Lionel Hampton leads a sextet on this 1957 studio session made for Audio Fidelity. The vibraphonist is in a low-key mood throughout the first side of the album, with the soft flute of Bobby Plater and a rhythm section that includes his frequent guitarist Billy Mackel, pianist Oscar Dennard, bassist Julian Brown, and drummer G.T. Hogan. "Thoughts of Thelma (Lazy Thoughts)" is a barely disguised reworking of "How High the Moon" and a dreamy take of "Stardust." Hampton literally wails as he takes over for Hogan on the up-tempo original blues "Tracking Problem," with Plater switching to clarinet. Hampton joins Dennard at the keyboard to play his familiar two-finger piano style solo, and Plater switches to tenor sax in "Blues For Stephen." Hampton's vocal to "And the Angels Sing" is a bit lackluster.

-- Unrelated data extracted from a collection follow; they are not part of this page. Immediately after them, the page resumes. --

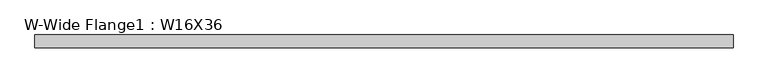
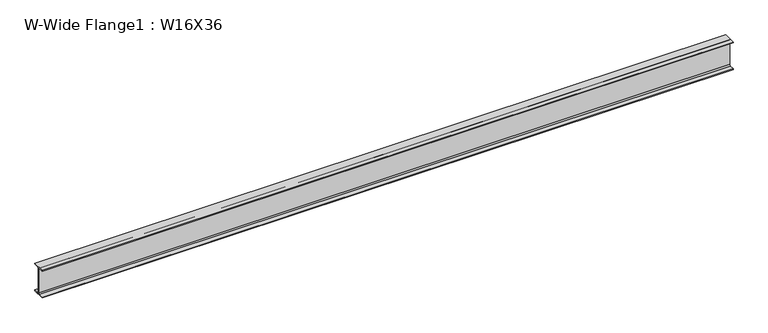
"""IFC4 building model written with IfcOpenShell, lengths in millimetres: beam geometry, W-Wide Flange1 : W16X36."""

from ifc_helpers import new_model, si_unit, point, frame, frame_2d, origin, place, context, project, spatial, polyline, circle_curve, trimmed, segment, composite_curve, outline, extrude, source, transform, mapped, element, save


def w_wide_flange1_w16x36_4a4a7409(model_context):
    return source(origin(), model_context, "Body", "SweptSolid", [
        extrude(outline(composite_curve([segment(polyline([(88.773, -191.008), (88.773, -201.93), (-88.773, -201.93), (-88.773, -191.008), (-21.3995, -191.008)]), True, "CONTINUOUS"), segment(trimmed(circle_curve(frame_2d((-21.3995, -173.355)), 17.653), [point((-21.3995, -191.008))], [point((-3.7465, -173.355))], True, "CARTESIAN"), True, "CONTINUOUS"), segment(polyline([(-3.7465, -173.355), (-3.7465, 173.355)]), True, "CONTINUOUS"), segment(trimmed(circle_curve(frame_2d((-21.3995, 173.355)), 17.653), [point((-3.7465, 173.355))], [point((-21.3995, 191.008))], True, "CARTESIAN"), True, "CONTINUOUS"), segment(polyline([(-21.3995, 191.008), (-88.773, 191.008), (-88.773, 201.93), (88.773, 201.93), (88.773, 191.008), (21.3995, 191.008)]), True, "CONTINUOUS"), segment(trimmed(circle_curve(frame_2d((21.3995, 173.355)), 17.653), [point((21.3995, 191.008))], [point((3.7465, 173.355))], True, "CARTESIAN"), True, "CONTINUOUS"), segment(polyline([(3.7465, 173.355), (3.7465, -173.355)]), True, "CONTINUOUS"), segment(trimmed(circle_curve(frame_2d((21.3995, -173.355)), 17.653), [point((3.7465, -173.355))], [point((21.3995, -191.008))], True, "CARTESIAN"), True, "CONTINUOUS"), segment(polyline([(21.3995, -191.008), (88.773, -191.008)]), True, "CONTINUOUS")], self_intersect=False)), frame((-4803.15, 0.0, 0.0), z_axis=(1.0, 0.0, 0.0), x_axis=(0.0, 1.0, 0.0)), (0.0, 0.0, 1.0), 9606.3),
    ])


if __name__ == "__main__":
    model = new_model("IFC4")
    model_context = context("Model", 3, world=origin())
    ifc_project = project(units=[si_unit("LENGTHUNIT", "METRE", prefix="MILLI")], contexts=[model_context])
    site = spatial("IfcSite", under=ifc_project)
    building = spatial("IfcBuilding", under=site)
    placement = place(None, origin())
    w_wide_flange1_w16x36_shape = w_wide_flange1_w16x36_4a4a7409(model_context)
    element("IfcBeam", 1, ObjectType="W-Wide Flange1 : W16X36", at=placement, inside=building, context=model_context, shape_type="MappedRepresentation", body=[
        mapped(w_wide_flange1_w16x36_shape, transform((0.0, 0.0, 0.0), x_axis=(1.0, 0.0, 0.0), y_axis=(0.0, 1.0, 0.0), z_axis=(0.0, 0.0, 1.0))),
    ])
    save(model, "model.ifc")

# Revit data of these elements
# Type "W-Wide Flange1 : W16X36"
#   Assembly Code = "B10"
#   W = 36
#   Start Extension Calculation [instance default] = 10' - 0"
#   Start Extension [instance default] = -0' - 0 1/2"
#   End Extension Calculation [instance default] = 10' - 0"
#   End Extension [instance default] = -0' - 0 1/2"
#   Length [instance default] = 5' - 0"
#   bf = 0' - 6.99"
#   d = 1' - 3.9"
#   k = 0' - 1 1/8"
#   k2 = 0' - 0.695"
#   tf = 0' - 0.43"
#   tw = 0' - 0.295"
#   A = 0.0736111 SF
#   Structural Material [instance default] = Metal - Steel - ASTM A992
# Element 1 (IfcBeam, "W-Wide Flange1 : W16X36")
#   Materials on its faces: "Metal - Steel - ASTM A992"
# Materials
#   "Metal - Steel - ASTM A992": class "Metal", colour RGB 199 199 199, transparency 0

The finale of "I Know That You Know" finally kindles the energy one expects from a Hampton-led band, with the leader back on drums and Plater on alto sax. While this long unavailable LP is enjoyable, the mediocre balance in the recording (particularly the piano, which is often barely audible) and the presence of several bland arrangements make the release of interest to only serious Hampton fans.

Biography

Born: 20 April 1909 in Louisville, KY

Genre: Jazz

Years Active: '20s, '30s, '40s, '50s, '60s, '70s, '80s, '90s

Lionel Hampton was the first jazz vibraphonist and was one of the jazz giants beginning in the mid-'30s. He has achieved the difficult feat of being musically open-minded (even recording "Giant Steps") without changing his basic swing style. Hamp started out as a drummer, playing with the Chicago Defender Newsboys' Band as a youth. His original idol was Jimmy Bertrand, a '20s drummer who occasionally played xylophone. Hampton played on the West Coast with such groups as Curtis Mosby's Blue Blowers,...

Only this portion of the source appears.